Gewaltprävention  – wir verstehen es anders!

Gewaltpräventive Strategien im Kindes- und Jugendalter sind überwiegend täterbezogen. Ansätze, die Kinder und Jugendliche als Opfer von Gewalttaten in den Mittelpunkt stellen, sind – sieht man einmal vom Handlungsfeld Familie und teilweise der Polizei ab – dagegen kaum zu finden. Dabei ist zu bedenken, dass mehr Kinder und Jugendliche Opfer von Gewalt als Täter sind. Diese Perspektive wird insbesondere bei jugendlichen Opfern häufig vernachlässigt.

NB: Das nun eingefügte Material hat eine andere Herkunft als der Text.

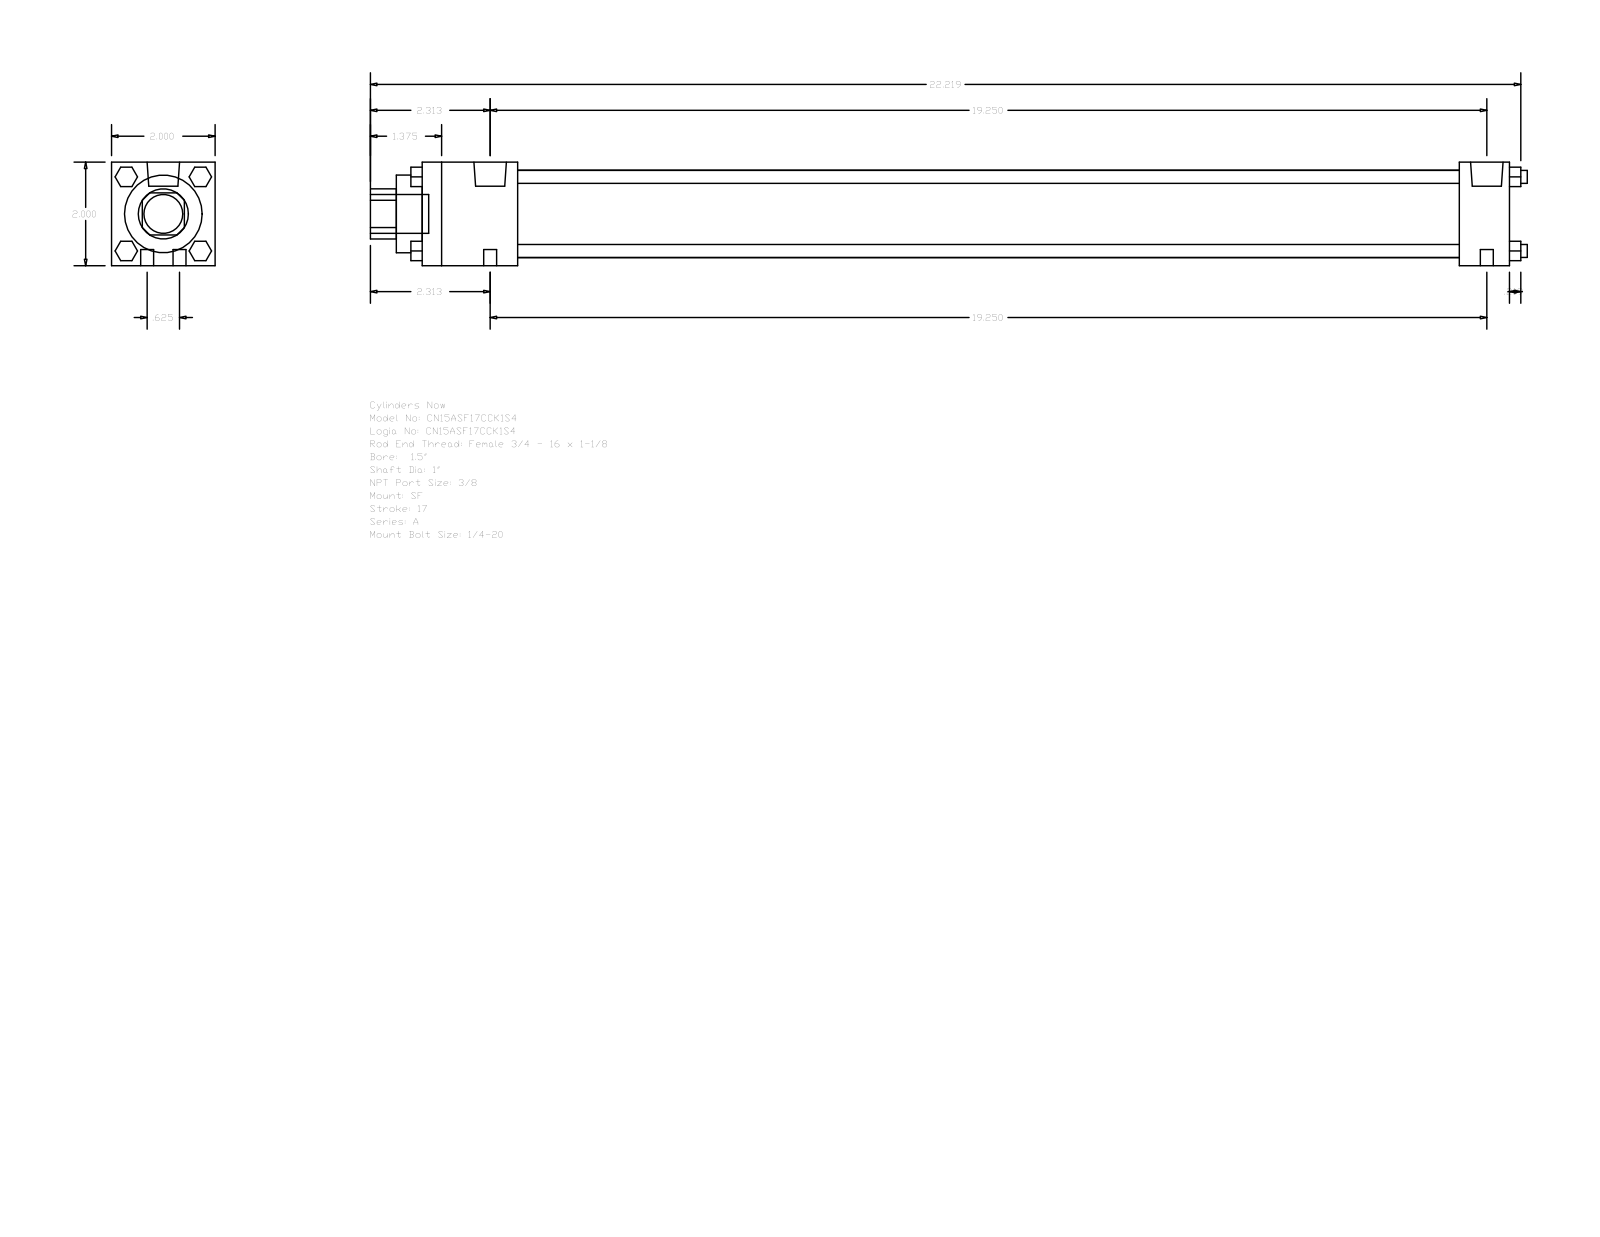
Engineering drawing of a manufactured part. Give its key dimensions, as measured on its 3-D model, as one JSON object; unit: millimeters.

Damit geht aber gleichzeitig auch das Risiko einer Entgrenzung der Gewalt- und der Präventionsbegriffe einher. Damit verbunden ist oftmals eine problematische Beliebigkeit, weil Projekte, Maßnahmen und Angebote, die in der Hauptsache andere Zielsetzungen verfolgen, umetikettiert werden und zu gewaltpräventiven Maßnahmen mutieren, ohne deutlich machen zu können, inwiefern sie nachvollziehbar und zielgerichtet einen Beitrag zur Reduktion von Gewalt im Kindes- und Jugendalter leisten.

Unser Gewaltpräventionsprogramm für Kinder und Jugendliche wird in drei Säulen dargestellt:

  • Vorbeugung und Deeskalation
  • Selbstbehauptung
  • Selbstverteidigung

Unser Gewaltverständnis bietet ausbalancierte Präventionsmaßnahmen sowohl für Opfer als auch für Täter!

Die bestehenden, auf Gewaltopfer bezogenen Angebote konzentrieren sich vor allem im Zusammenhang mit innerfamilialer Gewalt auf Kinder oder sprechen – als »traditionelle« Opferhilfe mit ihrer Kommstruktur am einzelnen Individuum orientiert – eher Erwachsene an. Wenn Jugendliche dagegen Opfer von Gewalt (häufig von Gleichaltrigen im eigenen Sozialraum) werden, fehlt es an Angeboten, an die sie sich niedrigschwellig wenden können. Kein Jugendlicher möchte gerne als Opfer adressiert und so auf diese insbesondere von den männlichen Gleichaltrigen sehr negativ besetzte Rolle festgelegt werden. Hier ist vor allem die Kinder und Jugendhilfe gefordert, geeignete Ansätze zu entwickeln, die diese Jugendlichen auch in gruppenbezogenen Angeboten erreichen und unterstützen können. Ein wichtiger Ausgangspunkt ist dabei, sich mit den Begriffen »Opfer« und »Loser«, die von den Jugendlichen als stark abwertende und demütigende Schimpfwörter verwandt und verstanden werden, auseinanderzusetzen.

Die gewaltpräventiven Strategien sind bislang meist von einem Dualismus geprägt: Auf der einen Seite die (verurteilenswerten, bösen) Täter, auf der anderen Seite die (unschuldigen, armen) Opfer.

Diese Konstellation ist zwar auch vorhanden, aber häufig ist gerade im Jugendalter die Konstellation vorzufinden, dass dieselbe Person sowohl Täter- als auch Opfererfahrungen hat. Damit greift dieser Dualismus viel zu kurz und wird den komplexen Hintergründen nicht gerecht. Empirische Forschungen zeigen erstens, dass jugendliche Gewalttäter häufig zuerst auch Opfer von Gewalt geworden sind, zweitens, dass sich häufig erst im Verlauf von gewalttätigen Interaktionen zwischen Jugendlichen entscheidet, wer später als Täter oder als Opfer gesehen wird, und dass drittens, das Viktimisierungsrisiko von jugendlichen Gewalttätern ebenfalls besonders hoch ist.

Präventive Strategien müssen unter dieser Perspektive von der Zuweisung starrer Opfer- und Täterrollen so weit wie möglich Abstand nehmen und von den Gewalterfahrungen von Kindern und Jugendlichen ausgehen.